[FEATURE]Add `iplocation` function to PPL for IP address geolocation
Description:
We propose adding an geoip function to OpenSearch's Piped Processing Language (PPL) and SQL to provide built-in IP address geolocation capabilities.
This feature would be similar to functionality used in OpenSearch's geospatial feature, enhancing PPL's ability to enrich log data with geographical information based on IP addresses.
Proposed Functionality:
- The 'geoip' function should take an IP address as input and return geographical information.
- It should support both IPv4 and IPv6 addresses.
- The function should return multiple fields including country, region, city, latitude, longitude, and others as available.
- It should allow users to specify which geolocation fields to include in the output.
- The function should use a regularly updated IP geolocation database for accuracy.
Example Usage:
... | eval geolocation = geoip(ip_field)
This would add a new field 'geolocation' with all available location information for the IP address in 'ip_field'.

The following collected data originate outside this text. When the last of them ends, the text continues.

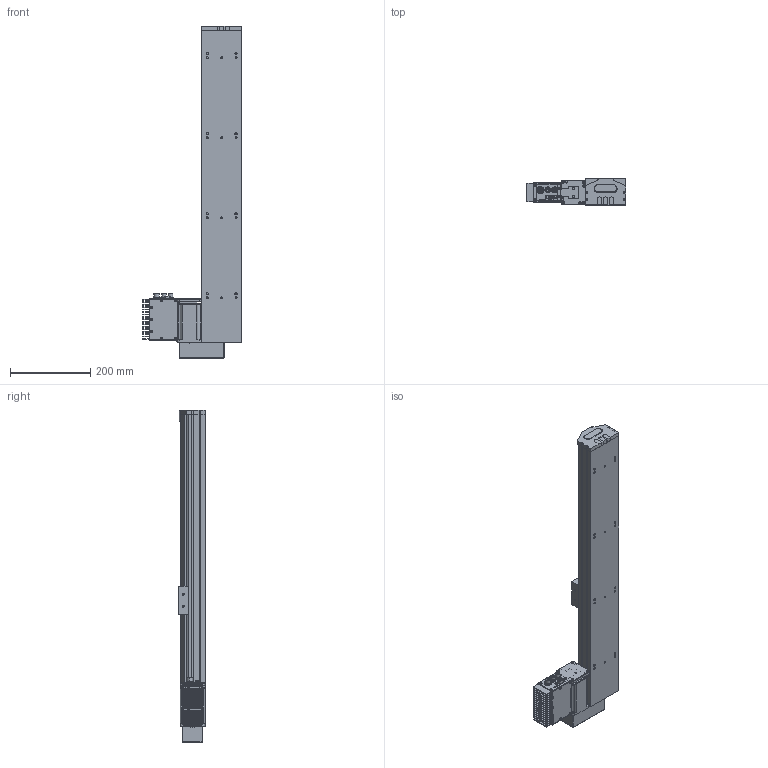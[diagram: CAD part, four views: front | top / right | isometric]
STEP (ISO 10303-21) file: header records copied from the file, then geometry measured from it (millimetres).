
FILE_DESCRIPTION (( 'STEP AP203' ), '1' );
FILE_NAME ('S10 TSN BL S600.STEP', '2012-08-31T14:29:21', ( 'Conseil Régional Haute-Normandie' ), ( 'Conseil Régional Haute-Normandie' ), 'SwSTEP 2.0', 'SolidWorks 2010', '' );
FILE_SCHEMA (( 'CONFIG_CONTROL_DESIGN' ));
Length unit declared in the file: millimetre
Products named in the file (25): Colonnette_3; S10 TSN BL  S600; BU45 Carte d''axe A11_5; Moteur 60BLDC90A_3; Sub D 9cts 90_X2_00B_X0__3; Assem1_7; T_X2_00F4_X0_le contre le moteur_5; BU41 Carte Alimentation P05_3; Couvercle_3; T_X2_00F4_X0_le fond_3; Connecteur rond D10 3cts_5; Connecteur rond D12 4cts_5; Radiateur profil_X2_00E9_X0_ 100x25_3; Colonnette ronde_3; T_X2_00F4_X0_le Arri_X2_00E8_X0_re_5; T_X2_00F4_X0_le lat_X2_00E9_X0_rale_5; Vis TF 3 torkx_1_1; axe787; palette tbn; renvoi LH_Default; piece_plastique remplie_Default; embout_modifié; remplir_Default; Pièce2_Default; Vis TF 3 torkx
Assembly tree (55 placements, depth 3):
  S10 TSN BL  S600
    Assem1_7
      BU41 Carte Alimentation P05_3
      Couvercle_3
      Connecteur rond D10 3cts_5  x2
      Vis TF 3 torkx_1_1  x21
      BU45 Carte d''axe A11_5
      T_X2_00F4_X0_le Arri_X2_00E8_X0_re_5
      T_X2_00F4_X0_le contre le moteur_5
      Colonnette_3  x2
      Connecteur rond D12 4cts_5
      Moteur 60BLDC90A_3
      T_X2_00F4_X0_le lat_X2_00E9_X0_rale_5  x2
      Radiateur profil_X2_00E9_X0_ 100x25_3
      T_X2_00F4_X0_le fond_3
      Colonnette ronde_3
      Sub D 9cts 90_X2_00B_X0__3
    axe787
    Vis TF 3 torkx  x7
    piece_plastique remplie_Default
      embout_modifié
      remplir_Default  x3
      Pièce2_Default
    palette tbn
    renvoi LH_Default
Bounding box: 248 x 66.75 x 829.5 mm (x, y, z)
Volume: 4768884.1 mm3; surface area: 644198.1 mm2
Topology: 53 solids, 53 shells, 1962 faces, 4992 edges, 3254 vertices
Faces by surface type: plane 926, cylinder 873, cone 156, bspline 4, torus 3
Entity records: 38527 total; most frequent: CARTESIAN_POINT 6508, DIRECTION 6263, ORIENTED_EDGE 5692, EDGE_CURVE 2846, AXIS2_PLACEMENT_3D 2298, VERTEX_POINT 1866, VECTOR 1667, LINE 1667

... | eval country = geoip(ip_field, "country")
... | eval lat = geoip(ip_field, "lat"), lon = iplocation(ip_field, "lon")
This would add new fields with specific geolocation information.
... | eval location_info = geoip(ip_field, "country,region,city,lat,lon")
This would add a new field 'location_info' with multiple pieces of geolocation data.
Additional considerations
- Allow for registering a DB table that allows resolving the IP to Geo
- Adding a generic way to register the IP to Geo location resolving mechanism / service
- Adding auth tokens for calling such service
Support for PPL iplocation function is required for both:
OpenSearch based PPL engine
- https://github.com/opensearch-project/sql/issues/3038
Spark based PPL engine
- https://github.com/opensearch-project/opensearch-spark/issues/672
Related resources
- https://github.com/opensearch-project/geospatial?tab=readme-ov-file
For the community awareness, I'm working on this.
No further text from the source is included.